--- Data under study Enclosed Below ---
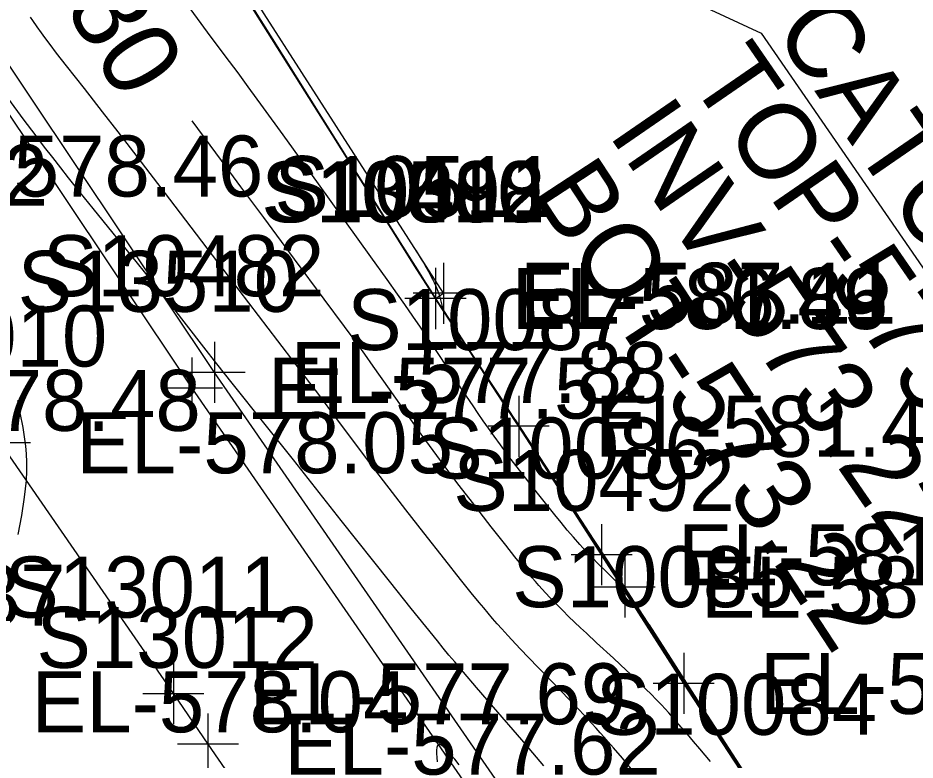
# Model space of a CAD drawing. Extents: x 1729869 to 1735532, y 648588 to 653771.
# Drawn here: x 1731975.7 to 1732034.5, y 650943.7 to 650992.4 of the extents above; entities that cross this region are included whole.
import ezdxf

# ---------------------------------------------------------------- set-up
doc = ezdxf.new("R2010")
doc.units = 0
for name, color, linetype in [('SURVEY - CONTOURS - Index with Text', 7, 'Continuous'), ('SURVEY - CONTOURS - Intermediate with optional Text', 7, 'Continuous'), ('SURVEY - DRAINAGE - Storm Sewer Text', 7, 'Continuous'), ('SURVEY - DTM - Breaklines', 7, 'Continuous'), ('SURVEY - DTM - Breaklines - Points - Elevations', 7, 'Continuous'), ('SURVEY - DTM - Breaklines - Points - Locators', 7, 'Continuous'), ('SURVEY - DTM - Breaklines - Points - Numbers', 7, 'Continuous'), ('SURVEY - MISCELLANEOUS - Bottom of MH and CB', 7, 'Continuous'), ('SURVEY - ROADSIDE BARRIERS - Points - Elevations', 7, 'Continuous'), ('SURVEY - ROADSIDE BARRIERS - Points - Locators', 7, 'Continuous'), ('SURVEY - ROADSIDE BARRIERS - Points - Numbers', 7, 'Continuous'), ('SURVEY - ROADSIDE BARRIERS with Text', 7, 'Continuous'), ('SURVEY - TRAFFIC CONTROL - Pavement Marking - Points - Elevations', 7, 'Continuous'), ('SURVEY - TRAFFIC CONTROL - Pavement Marking - Points - Numbers', 7, 'Continuous'), ('SURVEY - TRANSPORTATION - Features', 7, 'Continuous'), ('SURVEY - TRANSPORTATION - Features - Points - Elevations', 7, 'Continuous'), ('SURVEY - TRANSPORTATION - Features - Points - Locators', 7, 'Continuous'), ('SURVEY - TRANSPORTATION - Features - Points - Numbers', 7, 'Continuous'), ('SURVEY - TRANSPORTATION - Roads', 7, 'Continuous'), ('SURVEY - TRANSPORTATION - Roads - Points - Elevations', 7, 'Continuous'), ('SURVEY - TRANSPORTATION - Roads - Points - Locators', 7, 'Continuous'), ('SURVEY - TRANSPORTATION - Roads - Points - Numbers', 7, 'Continuous')]:
    doc.layers.add(name, color=color, linetype=linetype)

msp = doc.modelspace()

# ---------------------------------------------------------------- linework, layer by layer
at = {"layer": 'SURVEY - CONTOURS - Index with Text'}
for points in [[(1731990.106, 650994.569), (1731998.513, 650981.186), (1732002.185, 650975.342), (1732002.741, 650974.46), (1732003.04, 650973.985), (1732003.674, 650973.013), (1732005.357, 650970.432), (1732008.528, 650965.586), (1732010.41, 650962.695), (1732013.748, 650957.558), (1732014.896, 650955.782), (1732016.272, 650953.637), (1732017.448, 650951.8)], [(1732021.076, 650943.613), (1732020.374, 650944.448), (1732019.972, 650944.923), (1732019.566, 650945.397), (1732019.158, 650945.869), (1732018.749, 650946.335), (1732018.339, 650946.792), (1732017.857, 650947.317), (1732017.521, 650947.672), (1732017.183, 650948.02), (1732016.841, 650948.364), (1732016.425, 650948.772), (1732016.001, 650949.177), (1732015.574, 650949.58), (1732014.714, 650950.376), (1732013.615, 650951.392), (1732012.947, 650952.015), (1732012.555, 650952.384), (1732012.163, 650952.755), (1732011.775, 650953.128), (1732011.393, 650953.502), (1732011.018, 650953.877), (1732010.572, 650954.337), (1732010.264, 650954.668), (1732010.039, 650954.914), (1732009.819, 650955.161), (1732009.601, 650955.41), (1732009.385, 650955.661), (1732009.171, 650955.915), (1732008.865, 650956.283), (1732008.56, 650956.657), (1732008.257, 650957.034), (1732007.654, 650957.794), (1732006.706, 650959.006), (1732005.478, 650960.585), (1732004.613, 650961.706), (1732003.988, 650962.526), (1732003.559, 650963.098), (1732003.133, 650963.672), (1732002.655, 650964.329), (1732002.122, 650965.074), (1732000.037, 650968.023), (1731998.972, 650969.535), (1731998.416, 650970.316), (1731997.976, 650970.923), (1731997.093, 650972.126), (1731995.758, 650973.935), (1731993.813, 650976.554), (1731991.792, 650979.287), (1731990.304, 650981.299), (1731989.037, 650983.012), (1731987.096, 650985.62)], [(1732017.052, 650952.571), (1732020.203, 650947.655), (1732023.156, 650943.062)]]:
    msp.add_lwpolyline(points, dxfattribs=at)
at = {"layer": 'SURVEY - CONTOURS - Intermediate with optional Text'}
for points in [[(1731989.084, 650996.186), (1731998.643, 650980.975), (1732002.18, 650975.348), (1732002.821, 650974.33), (1732003.042, 650973.979), (1732003.573, 650973.166), (1732005.618, 650970.028), (1732008.097, 650966.237), (1732009.68, 650963.806), (1732013.378, 650958.105), (1732014.575, 650956.253), (1732015.794, 650954.353), (1732018.615, 650949.944), (1732019.823, 650948.068), (1732021.324, 650945.754), (1732025.088, 650939.975)], [(1732024.432, 650940.948), (1732021.077, 650946.081), (1732019.818, 650948.016), (1732019.004, 650949.276), (1732017.755, 650951.222), (1732014.969, 650955.582), (1732013.54, 650957.806), (1732011.123, 650961.548), (1732008.758, 650965.2), (1732007.097, 650967.75), (1732004.464, 650971.784), (1732003.509, 650973.256), (1732003.143, 650973.819), (1732003.047, 650973.966), (1732002.653, 650974.591), (1732001.84, 650975.875), (1732000.154, 650978.558), (1731996.288, 650984.713), (1731989.383, 650995.69)], [(1731990.681, 650993.634), (1731998.408, 650981.344), (1732002.414, 650974.971), (1732002.903, 650974.198), (1732003.045, 650973.971), (1732003.478, 650973.309), (1732003.897, 650972.662), (1732005.79, 650969.759), (1732008.134, 650966.17), (1732009.607, 650963.904), (1732013.159, 650958.421), (1732014.461, 650956.401), (1732015.852, 650954.231), (1732018.371, 650950.292), (1732019.449, 650948.616), (1732020.487, 650947.013), (1732023.192, 650942.863)], [(1732023.075, 650942.993), (1732021.446, 650945.479), (1732020.718, 650946.598), (1732020.355, 650947.16), (1732019.601, 650948.335), (1732019.313, 650948.782), (1732015.654, 650954.504), (1732015.45, 650954.799), (1732015.181, 650955.106), (1732014.899, 650955.407), (1732014.605, 650955.704), (1732014.304, 650956.001), (1732013.657, 650956.635), (1732013.4, 650956.894), (1732013.108, 650957.196), (1732012.913, 650957.403), (1732012.508, 650957.846), (1732012.1, 650958.309), (1732011.691, 650958.787), (1732011.281, 650959.277), (1732010.873, 650959.775), (1732010.344, 650960.431), (1732009.729, 650961.203), (1732009.336, 650961.703), (1732008.944, 650962.204), (1732008.555, 650962.706), (1732008.173, 650963.207), (1732007.798, 650963.703), (1732007.303, 650964.371), (1732006.895, 650964.933), (1732006.52, 650965.461), (1732006.184, 650965.941), (1732005.85, 650966.429), (1732005.516, 650966.92), (1732004.85, 650967.913), (1732003.091, 650970.556), (1732002.406, 650971.579), (1732002.063, 650972.086), (1732001.563, 650972.817), (1732001.041, 650973.567), (1732000.568, 650974.242), (1731999.875, 650975.219), (1731998.808, 650976.708), (1731995.375, 650981.484), (1731993.064, 650984.699), (1731991.789, 650986.463), (1731990.784, 650987.843), (1731990.114, 650988.754), (1731989.278, 650989.879), (1731988.115, 650991.435), (1731987.462, 650992.318), (1731986.977, 650992.985)], [(1731990.855, 650993.383), (1731992.233, 650991.196), (1731999.955, 650978.894), (1732001.982, 650975.668), (1732002.306, 650975.156), (1732003.039, 650973.988), (1732003.615, 650973.109), (1732005.261, 650970.585), (1732008.841, 650965.116), (1732011.841, 650960.514), (1732014.23, 650956.84), (1732015.338, 650955.125), (1732016.869, 650952.735), (1732019.022, 650949.373), (1732020.391, 650947.248), (1732023.069, 650943.115)], [(1732015.88, 650943.139), (1732015.303, 650943.821), (1732014.723, 650944.499), (1732014.379, 650944.895), (1732014.113, 650945.198), (1732013.846, 650945.499), (1732013.578, 650945.799), (1732013.308, 650946.096), (1732013.035, 650946.392), (1732012.761, 650946.686), (1732012.463, 650947.001), (1732011.861, 650947.625), (1732010.649, 650948.87), (1732009.749, 650949.805), (1732008.603, 650951.001), (1732008.057, 650951.579), (1732007.786, 650951.871), (1732007.397, 650952.3), (1732007.096, 650952.639), (1732006.799, 650952.982), (1732006.503, 650953.328), (1732006.21, 650953.677), (1732005.92, 650954.028), (1732005.397, 650954.67), (1732004.7, 650955.54), (1732003.659, 650956.856), (1732002.291, 650958.596), (1732001.105, 650960.115), (1732000.226, 650961.25), (1731999.64, 650962.015), (1731999.139, 650962.677), (1731996.633, 650966.023), (1731995.338, 650967.757), (1731994.821, 650968.441), (1731993.918, 650969.621), (1731992.721, 650971.184), (1731990.186, 650974.504), (1731987.737, 650977.723), (1731985.645, 650980.472), (1731983.283, 650983.558), (1731982.247, 650984.901), (1731981.239, 650986.198), (1731980.04, 650987.728), (1731978.87, 650989.214), (1731978.542, 650989.635), (1731978.219, 650990.053), (1731977.788, 650990.619), (1731977.45, 650991.075), (1731977.227, 650991.382), (1731976.94, 650991.784), (1731976.652, 650992.2), (1731976.507, 650992.415)], [(1732010.162, 650943.333), (1732009.442, 650944.182), (1732008.719, 650945.024), (1732006.847, 650947.179), (1732005.737, 650948.467), (1732004.879, 650949.469), (1732004.31, 650950.142), (1732003.934, 650950.592), (1732003.555, 650951.051), (1732003.174, 650951.517), (1732002.413, 650952.456), (1732001.457, 650953.648), (1732000.028, 650955.442), (1731996.874, 650959.422), (1731993.744, 650963.381), (1731991.892, 650965.712), (1731989.735, 650968.417), (1731988.731, 650969.688), (1731987.879, 650970.775), (1731985.742, 650973.515), (1731985.019, 650974.433), (1731984.439, 650975.159), (1731983.531, 650976.284), (1731980.611, 650979.877), (1731979.774, 650980.914), (1731979.007, 650981.874), (1731978.49, 650982.529), (1731977.966, 650983.203), (1731977.43, 650983.899), (1731976.811, 650984.717), (1731976.104, 650985.664), (1731975.032, 650987.116)], [(1732001.792, 650977.102), (1732002.119, 650976.553), (1732002.278, 650976.281), (1732002.434, 650976.011), (1732002.584, 650975.744), (1732002.728, 650975.481), (1732002.852, 650975.245), (1732002.967, 650975.012), (1732003.074, 650974.785), (1732003.168, 650974.564), (1732003.251, 650974.349), (1732003.319, 650974.141), (1732003.565, 650973.186), (1732005.852, 650969.689), (1732007.264, 650967.532), (1732008.58, 650965.518), (1732009.766, 650963.72), (1732011.373, 650961.259), (1732014.557, 650956.362), (1732015.655, 650954.661), (1732017.373, 650951.978), (1732019.237, 650949.069), (1732020.654, 650946.868), (1732023.327, 650942.738)], [(1731975.648, 650967.271), (1731975.883, 650966.139), (1731975.943, 650965.833), (1731976.002, 650965.52), (1731976.057, 650965.2), (1731976.126, 650964.75), (1731976.184, 650964.277), (1731976.227, 650963.774), (1731976.25, 650963.237), (1731976.249, 650962.662), (1731976.218, 650962.041), (1731976.102, 650960.937), (1731975.915, 650959.739), (1731975.676, 650958.485)], [(1732008.27, 650966.009), (1732012.614, 650959.368), (1732014.354, 650956.7), (1732015.366, 650955.139), (1732016.393, 650953.542), (1732019.226, 650949.118), (1732020.876, 650946.552), (1732023.542, 650942.425)], [(1732012.975, 650958.833), (1732014.743, 650956.125), (1732015.752, 650954.569), (1732016.964, 650952.684), (1732019.526, 650948.681), (1732021.348, 650945.847), (1732024.638, 650940.745)], [(1732020.428, 650947.332), (1732024.562, 650940.894)], [(1732004.606, 650943.398), (1732004.311, 650943.762), (1732004.067, 650944.054), (1732003.915, 650944.228), (1732003.843, 650944.308), (1732003.709, 650944.449), (1732003.586, 650944.566), (1732003.475, 650944.656), (1732003.378, 650944.714), (1732003.296, 650944.738), (1732003.23, 650944.722), (1732003.175, 650944.65), (1732003.141, 650944.524), (1732003.126, 650944.349), (1732003.128, 650944.13), (1732003.143, 650943.873), (1732003.17, 650943.584)]]:
    msp.add_lwpolyline(points, dxfattribs=at)
at = {"layer": 'SURVEY - DRAINAGE - Storm Sewer Text'}
msp.add_lwpolyline([(1731974.582, 651014.491), (1732024.407, 650991.366), (1732055.922, 650945.63)], dxfattribs=at)
at = {"layer": 'SURVEY - DTM - Breaklines'}
for points in [[(1732003.052, 650973.968), (1732003.581, 650974.31), (1731989.555, 650996.2), (1731978.607, 651014.105), (1731965.163, 651035.183), (1731951.942, 651056.407), (1731938.343, 651077.385), (1731924.593, 651098.267), (1731910.737, 651119.08), (1731897.035, 651139.992), (1731883.266, 651160.86), (1731869.448, 651181.699), (1731855.766, 651202.623), (1731841.938, 651223.455), (1731828.188, 651244.335), (1731813.142, 651266.45), (1731799.479, 651287.546), (1731797.002, 651291.324), (1731796.491, 651290.994), (1731796.236, 651290.836)], [(1732113.007, 650812.16), (1732098.885, 650832.683), (1732084.634, 650853.212), (1732070.443, 650873.845), (1732055.723, 650894.054), (1732042.075, 650914.908), (1732029.016, 650934.005), (1732015.459, 650955.044), (1732003.052, 650973.968), (1731989.798, 650995.07), (1731976.605, 651016.091), (1731963.895, 651036.118), (1731950.601, 651057.29), (1731936.956, 651078.167), (1731923.152, 651099.071)], [(1732102.153, 650804.616), (1732073.748, 650845.695), (1732045.347, 650886.865), (1732016.99, 650927.983), (1731988.568, 650969.12), (1731970.42, 650996.284), (1731969.494, 650997.549)], [(1732112.277, 650811.653), (1732107.544, 650817.969), (1732106.693, 650820.85), (1732101.431, 650827.09), (1732092.964, 650839.561), (1732080.137, 650858.446), (1732079.028, 650860.985), (1732076.136, 650864.318), (1732073.466, 650867.37), (1732053.717, 650896.357), (1732047.019, 650907.102), (1732041.081, 650915.154), (1732035.472, 650923.431), (1732030.287, 650932), (1732024.797, 650940.36), (1732019.321, 650948.729), (1732013.942, 650957.165), (1732008.505, 650965.587), (1732003.045, 650973.966)]]:
    msp.add_lwpolyline(points, dxfattribs=at)
at = {"layer": 'SURVEY - DTM - Breaklines - Points - Locators'}
for p, q in [((1732003.045, 650975.966), (1732003.045, 650971.966)), ((1732003.052, 650975.968), (1732003.052, 650971.968)), ((1732003.052, 650975.968), (1732003.052, 650971.968)), ((1732003.581, 650976.31), (1732003.581, 650972.31)), ((1732005.581, 650974.31), (1732001.581, 650974.31)), ((1732005.045, 650973.966), (1732001.045, 650973.966)), ((1732005.052, 650973.968), (1732001.052, 650973.968)), ((1732005.052, 650973.968), (1732001.052, 650973.968)), ((1731988.568, 650971.12), (1731988.568, 650967.12)), ((1731990.568, 650969.12), (1731986.568, 650969.12)), ((1732008.505, 650967.587), (1732008.505, 650963.587)), ((1732010.505, 650965.587), (1732006.505, 650965.587)), ((1732013.942, 650959.165), (1732013.942, 650955.165)), ((1732015.942, 650957.165), (1732011.942, 650957.165)), ((1732015.459, 650957.044), (1732015.459, 650953.044)), ((1732017.459, 650955.044), (1732013.459, 650955.044)), ((1732019.321, 650950.729), (1732019.321, 650946.729)), ((1732021.321, 650948.729), (1732017.321, 650948.729))]:
    msp.add_line(p, q, dxfattribs=at)
at = {"layer": 'SURVEY - ROADSIDE BARRIERS - Points - Locators'}
for p, q in [((1732003.045, 650975.966), (1732003.045, 650971.966)), ((1732003.045, 650975.966), (1732003.045, 650971.966)), ((1732005.045, 650973.966), (1732001.045, 650973.966)), ((1732005.045, 650973.966), (1732001.045, 650973.966))]:
    msp.add_line(p, q, dxfattribs=at)
at = {"layer": 'SURVEY - ROADSIDE BARRIERS with Text'}
msp.add_lwpolyline([(1732003.045, 650973.966), (1731988.236, 650997.512), (1731985.958, 651001.172), (1731980.623, 651009.635), (1731978.235, 651013.364), (1731975.843, 651017.144), (1731972.561, 651022.261), (1731967.185, 651030.692), (1731963.964, 651035.947), (1731958.619, 651044.399), (1731947.921, 651061.362), (1731942.452, 651069.66), (1731928.639, 651090.556), (1731914.818, 651111.43), (1731900.526, 651133.036), (1731886.679, 651153.809), (1731872.913, 651174.694), (1731859.053, 651195.599), (1731845.3, 651216.428), (1731831.509, 651237.32), (1731817.644, 651258.224), (1731811.485, 651267.57), (1731801.259, 651282.765), (1731796.236, 651290.836)], dxfattribs=at)
msp.add_lwpolyline([(1732003.045, 650973.966), (1731988.236, 650997.512), (1731985.958, 651001.172), (1731980.623, 651009.635), (1731978.235, 651013.364), (1731975.843, 651017.144), (1731972.561, 651022.261), (1731967.185, 651030.692), (1731963.964, 651035.947), (1731958.619, 651044.399), (1731947.921, 651061.362), (1731942.452, 651069.66), (1731928.639, 651090.556), (1731914.818, 651111.43), (1731900.526, 651133.036), (1731886.679, 651153.809), (1731872.913, 651174.694), (1731859.053, 651195.599), (1731845.3, 651216.428), (1731831.509, 651237.32), (1731817.644, 651258.224), (1731811.485, 651267.57), (1731801.259, 651282.765), (1731796.236, 651290.836)], dxfattribs=at)
at = {"layer": 'SURVEY - TRANSPORTATION - Features'}
msp.add_lwpolyline([(1731968.374, 650998.805), (1731968.232, 650997.903), (1731968.308, 650996.747), (1731968.923, 650995.273), (1731987.082, 650968.094), (1732015.503, 650926.959), (1732043.863, 650885.836), (1732072.262, 650844.669), (1732100.659, 650803.577)], dxfattribs=at)
at = {"layer": 'SURVEY - TRANSPORTATION - Features - Points - Locators'}
for p, q in [((1731987.082, 650970.094), (1731987.082, 650966.094)), ((1731989.082, 650968.094), (1731985.082, 650968.094))]:
    msp.add_line(p, q, dxfattribs=at)
at = {"layer": 'SURVEY - TRANSPORTATION - Roads'}
msp.add_lwpolyline([(1731866.856, 651135.373), (1731893.09, 651092.809), (1731909.859, 651065.556), (1731920.319, 651048.509), (1731940.263, 651016.166), (1731949.77, 651000.883), (1731962.084, 650982.655), (1731974.516, 650964.508), (1731985.875, 650948.049), (1731988.138, 650944.751), (1732026.696, 650888.752), (1732054.033, 650849.307), (1732065.396, 650832.853), (1732083.577, 650806.529), (1732093.848, 650791.753), (1732098.884, 650784.51)], dxfattribs=at)
at = {"layer": 'SURVEY - TRANSPORTATION - Roads - Points - Locators'}
for p, q in [((1731976.516, 650964.508), (1731972.516, 650964.508)), ((1731985.875, 650950.049), (1731985.875, 650946.049)), ((1731987.875, 650948.049), (1731983.875, 650948.049)), ((1731988.138, 650946.751), (1731988.138, 650942.751)), ((1731990.138, 650944.751), (1731986.138, 650944.751))]:
    msp.add_line(p, q, dxfattribs=at)

# ---------------------------------------------------------------- texts
at = {"layer": 'SURVEY - CONTOURS - Index with Text'}
msp.add_text('580', height=5, rotation=300.99513, dxfattribs=at).set_placement((1731976.765, 650996.353))
at = {"layer": 'SURVEY - DRAINAGE - Storm Sewer Text'}
for s, p in [('CATCH BASIN', (1732025.123, 650991.57)), ('TOP-575.76', (1732019.603, 650988.351)), ('INV-573.22', (1732014.324, 650984.759))]:
    msp.add_text(s, height=5, rotation=304.56994, dxfattribs=at).set_placement(p)
at = {"layer": 'SURVEY - DTM - Breaklines - Points - Elevations'}
for s, p in [('EL-581.46', (1732008.045, 650971.966)), ('EL-586.89', (1732008.052, 650971.968)), ('EL-586.89', (1732008.052, 650971.968)), ('EL-587.11', (1732008.581, 650972.31)), ('EL-577.88', (1731993.568, 650967.12)), ('EL-581.45', (1732013.505, 650963.587)), ('EL-581.21', (1732018.942, 650955.165)), ('EL-589.53', (1732020.459, 650953.044)), ('EL-580.47', (1732024.321, 650946.729))]:
    msp.add_text(s, height=4, dxfattribs=at).set_placement(p)
at = {"layer": 'SURVEY - DTM - Breaklines - Points - Numbers'}
for s, p in [('S10510', (1731991.639, 650978.968)), ('S10088', (1731991.758, 650978.966)), ('S10493', (1731991.812, 650978.968)), ('S10511', (1731992.499, 650979.31)), ('S10482', (1731977.328, 650974.12)), ('S10087', (1731997.265, 650970.587)), ('S10086', (1732002.592, 650962.165)), ('S10492', (1732004.219, 650960.044)), ('S10085', (1732008.081, 650953.729)), ('S10084', (1732013.557, 650945.36))]:
    msp.add_text(s, height=4, dxfattribs=at).set_placement(p)
at = {"layer": 'SURVEY - MISCELLANEOUS - Bottom of MH and CB'}
msp.add_text('BOT-573.22', height=5, rotation=303.22074, dxfattribs=at).set_placement((1732009.257, 650980.926))
at = {"layer": 'SURVEY - ROADSIDE BARRIERS - Points - Elevations'}
msp.add_text('EL-581.46', height=4, dxfattribs=at).set_placement((1732008.045, 650971.966))
msp.add_text('EL-581.46', height=4, dxfattribs=at).set_placement((1732008.045, 650971.966))
at = {"layer": 'SURVEY - ROADSIDE BARRIERS - Points - Numbers'}
msp.add_text('S13302', height=4, dxfattribs=at).set_placement((1731991.805, 650978.966))
msp.add_text('S13302', height=4, dxfattribs=at).set_placement((1731991.805, 650978.966))
at = {"layer": 'SURVEY - TRAFFIC CONTROL - Pavement Marking - Points - Elevations'}
for s, p in [('EL-578.82', (1731952.969, 650980.065)), ('EL-578.48', (1731962.986, 650965.289)), ('EL-578.04', (1731976.594, 650945.525))]:
    msp.add_text(s, height=4, dxfattribs=at).set_placement(p)
at = {"layer": 'SURVEY - TRAFFIC CONTROL - Pavement Marking - Points - Numbers'}
msp.add_text('S11587', height=4, dxfattribs=at).set_placement((1731960.354, 650952.525))
at = {"layer": 'SURVEY - TRANSPORTATION - Features - Points - Elevations'}
msp.add_text('EL-577.52', height=4, dxfattribs=at).set_placement((1731992.082, 650966.094))
at = {"layer": 'SURVEY - TRANSPORTATION - Features - Points - Numbers'}
msp.add_text('S13510', height=4, dxfattribs=at).set_placement((1731975.669, 650973.094))
at = {"layer": 'SURVEY - TRANSPORTATION - Roads - Points - Elevations'}
for s, p in [('EL-578.46', (1731967.084, 650980.655)), ('EL-578.82', (1731952.969, 650980.065)), ('EL-578.82', (1731952.969, 650980.065)), ('EL-578.05', (1731979.516, 650962.508)), ('EL-577.69', (1731990.875, 650946.049)), ('EL-577.62', (1731993.138, 650942.751))]:
    msp.add_text(s, height=4, dxfattribs=at).set_placement(p)
at = {"layer": 'SURVEY - TRANSPORTATION - Roads - Points - Numbers'}
for s, p in [('S13010', (1731963.103, 650969.508)), ('S13011', (1731974.793, 650953.049)), ('S13012', (1731976.898, 650949.751))]:
    msp.add_text(s, height=4, dxfattribs=at).set_placement(p)

doc.saveas('drawing.dxf')
--- End of Enclosed Data under study ---
# What you are asked to do
Every line above that has the string "rotation" needs to be copied.

# Exercise result
msp.add_text('580', height=5, rotation=300.99513, dxfattribs=at).set_placement((1731976.765, 650996.353))
    msp.add_text(s, height=5, rotation=304.56994, dxfattribs=at).set_placement(p)
msp.add_text('BOT-573.22', height=5, rotation=303.22074, dxfattribs=at).set_placement((1732009.257, 650980.926))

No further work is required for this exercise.